The dataset covers 80 countries and regions including 21903 schools' responses regrading 187 questions. So I decided to narrow my reach here to five countries. I'd like to look at schools responses regarding a set of questions "SC155". SC155 surveys the accessibility to digital devices and its related training as well as assistance. I clean the data and group_by data as regional code. So I make two different datasets at first. One includes all identifier information. The other covers the columns that contains "SC155Q". Then, I use function "cbind" to combine these two into a new dataset (pisa2018_joint). Furthermore, I found that the questions from SC155Q01HA to SC155Q01HA focus on the accessibility to digital devices while the questions from SC155Q05HA to SC155Q11HA stress on if the schools offer enough traibing, support, and incentives. I mutate two new variables--"Accessibility" and "Human_Resource_Support that respectively calculate the average of the former and the latter.
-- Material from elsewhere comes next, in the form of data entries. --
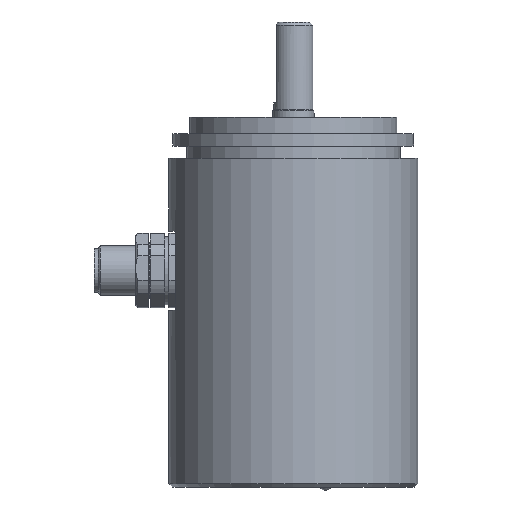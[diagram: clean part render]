
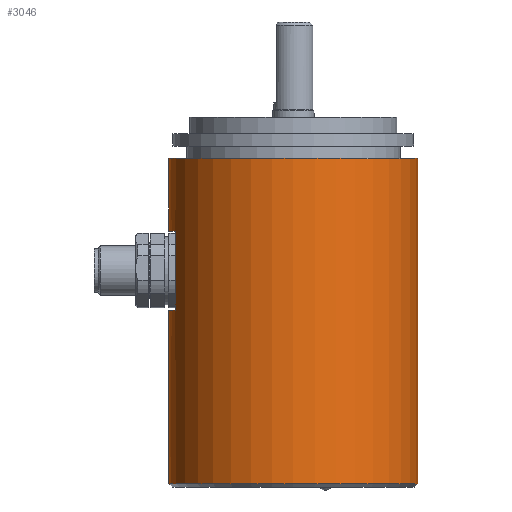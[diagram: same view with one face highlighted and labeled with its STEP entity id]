
A CAD part, left-side view. The second image highlights one B-rep face of the part: STEP entity #3046.
In plain terms, the highlighted cylindrical face has radius 30 mm (diameter 60 mm), a full revolution.
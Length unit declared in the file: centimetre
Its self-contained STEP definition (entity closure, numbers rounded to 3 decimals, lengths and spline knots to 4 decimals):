
#169=VECTOR('',#4971,1.);
#170=VECTOR('',#4974,1.);
#272=LINE('',#3926,#169);
#273=LINE('',#3930,#170);
#387=CYLINDRICAL_SURFACE('',#3353,3.);
#622=VERTEX_POINT('',#3922);
#623=VERTEX_POINT('',#3924);
#624=VERTEX_POINT('',#3925);
#625=VERTEX_POINT('',#3927);
#626=VERTEX_POINT('',#3929);
#627=VERTEX_POINT('',#3932);
#910=CIRCLE('',#3354,3.);
#911=CIRCLE('',#3355,3.);
#912=CIRCLE('',#3356,3.);
#913=CIRCLE('',#3357,3.);
#1153=EDGE_CURVE('',#622,#622,#910,.T.);
#1154=EDGE_CURVE('',#623,#624,#911,.T.);
#1155=EDGE_CURVE('',#624,#625,#272,.T.);
#1156=EDGE_CURVE('',#625,#626,#912,.T.);
#1157=EDGE_CURVE('',#626,#623,#273,.T.);
#1158=EDGE_CURVE('',#627,#627,#913,.T.);
#1545=ORIENTED_EDGE('',*,*,#1153,.F.);
#1546=ORIENTED_EDGE('',*,*,#1154,.T.);
#1547=ORIENTED_EDGE('',*,*,#1155,.T.);
#1548=ORIENTED_EDGE('',*,*,#1156,.T.);
#1549=ORIENTED_EDGE('',*,*,#1157,.T.);
#1550=ORIENTED_EDGE('',*,*,#1158,.F.);
#2246=EDGE_LOOP('',(#1545));
#2247=EDGE_LOOP('',(#1546,#1547,#1548,#1549));
#2248=EDGE_LOOP('',(#1550));
#2661=FACE_BOUND('',#2246,.T.);
#2662=FACE_BOUND('',#2247,.T.);
#2663=FACE_BOUND('',#2248,.T.);
#3046=ADVANCED_FACE('',(#2661,#2662,#2663),#387,.T.);
#3353=AXIS2_PLACEMENT_3D('',#3920,#4965,#4966);
#3354=AXIS2_PLACEMENT_3D('',#3921,#4967,#4968);
#3355=AXIS2_PLACEMENT_3D('',#3923,#4969,#4970);
#3356=AXIS2_PLACEMENT_3D('',#3928,#4972,#4973);
#3357=AXIS2_PLACEMENT_3D('',#3931,#4975,#4976);
#3920=CARTESIAN_POINT('',(0.,0.,0.2));
#3921=CARTESIAN_POINT('',(0.,0.,-7.44));
#3922=CARTESIAN_POINT('',(-3.,0.,-7.44));
#3923=CARTESIAN_POINT('',(0.,0.,-3.253));
#3924=CARTESIAN_POINT('',(-0.9488,2.846,-3.253));
#3925=CARTESIAN_POINT('',(0.9488,2.846,-3.253));
#3926=CARTESIAN_POINT('',(0.9488,2.846,-2.303));
#3927=CARTESIAN_POINT('',(0.9488,2.846,-1.353));
#3928=CARTESIAN_POINT('',(0.,0.,-1.353));
#3929=CARTESIAN_POINT('',(-0.9488,2.846,-1.353));
#3930=CARTESIAN_POINT('',(-0.9488,2.846,-2.303));
#3931=CARTESIAN_POINT('',(0.,0.,0.4));
#3932=CARTESIAN_POINT('',(0.,3.,0.4));
#4965=DIRECTION('',(0.,0.,1.));
#4966=DIRECTION('',(0.,3.,0.));
#4967=DIRECTION('',(0.,0.,-1.));
#4968=DIRECTION('',(3.,0.,0.));
#4969=DIRECTION('',(0.,0.,-1.));
#4970=DIRECTION('',(3.,0.,0.));
#4971=DIRECTION('',(0.,0.,1.));
#4972=DIRECTION('',(0.,0.,1.));
#4973=DIRECTION('',(3.,0.,0.));
#4974=DIRECTION('',(0.,0.,-1.));
#4975=DIRECTION('',(0.,0.,1.));
#4976=DIRECTION('',(0.,3.,0.));

Besides, I calculate every country average for "Accessibility" and "Human_Resource_Support." After tidying data, the dataset has four columns and 80 rows.

## Join Data

Be sure to include a sanity check, and double-check that case count is correct!
```{r}
# joint data--merge pisa2018 into the world map data
data("World")
world2<-World %>%
  mutate(CNT=iso_a3) %>%
  select(-iso_a3)
world2

world_pisa <-merge(x=world2, y=pisa2018_joint_clean, by="CNT", all.x=T)
world_pisa
```
In order to create a map, I need to use merge function to join the variables I'd like to show in the map dataset "World." I keep all the map dataset information.

```{r}
# draw a world map about the accessibly of digital device
#because my dataset reflect regional differences instead of differences over time, I believe that may would be a good choice of showing regional difference

# data("world_pisa")
tm_shape(world_pisa) +
  tm_polygons(col="Accessiblity_Country_Ave",  palette = "Set1")
tm_shape(world_pisa) +
  tm_polygons(col="Human_Resource_ave",  palette = "Set1")

```
Finally, I create two world maps reflecting regional differences in terms of the accessibility to digital devices and the human resources support for them all over the world.Apparently, just a few countries have the grades higher than 3 points, which reflects that these countries' agreement of enjoying good accessibility to digital devices.However, even some developed countries still expressed their limited accessibility to digital devices such as United Kingdom and France. The phenomenon, in fact, open the more questions and their answers will require further investigations on these country. I will take France and Unite Kingdom as case studies. With respect to "Human Resource Support," most countries have reported the grades under 3 points. This may not disclose that these countries share the similar scenarios but there is no any objective measurements for them to measure their access to and human resources support on digital devices. Therefore, instead of reflecting that OECD countries lack human resources support, the data may show OECD and non-OECD countries have distinct expectations on human resources support. So self-report can only demonstrate the gap between their expectations and current situations.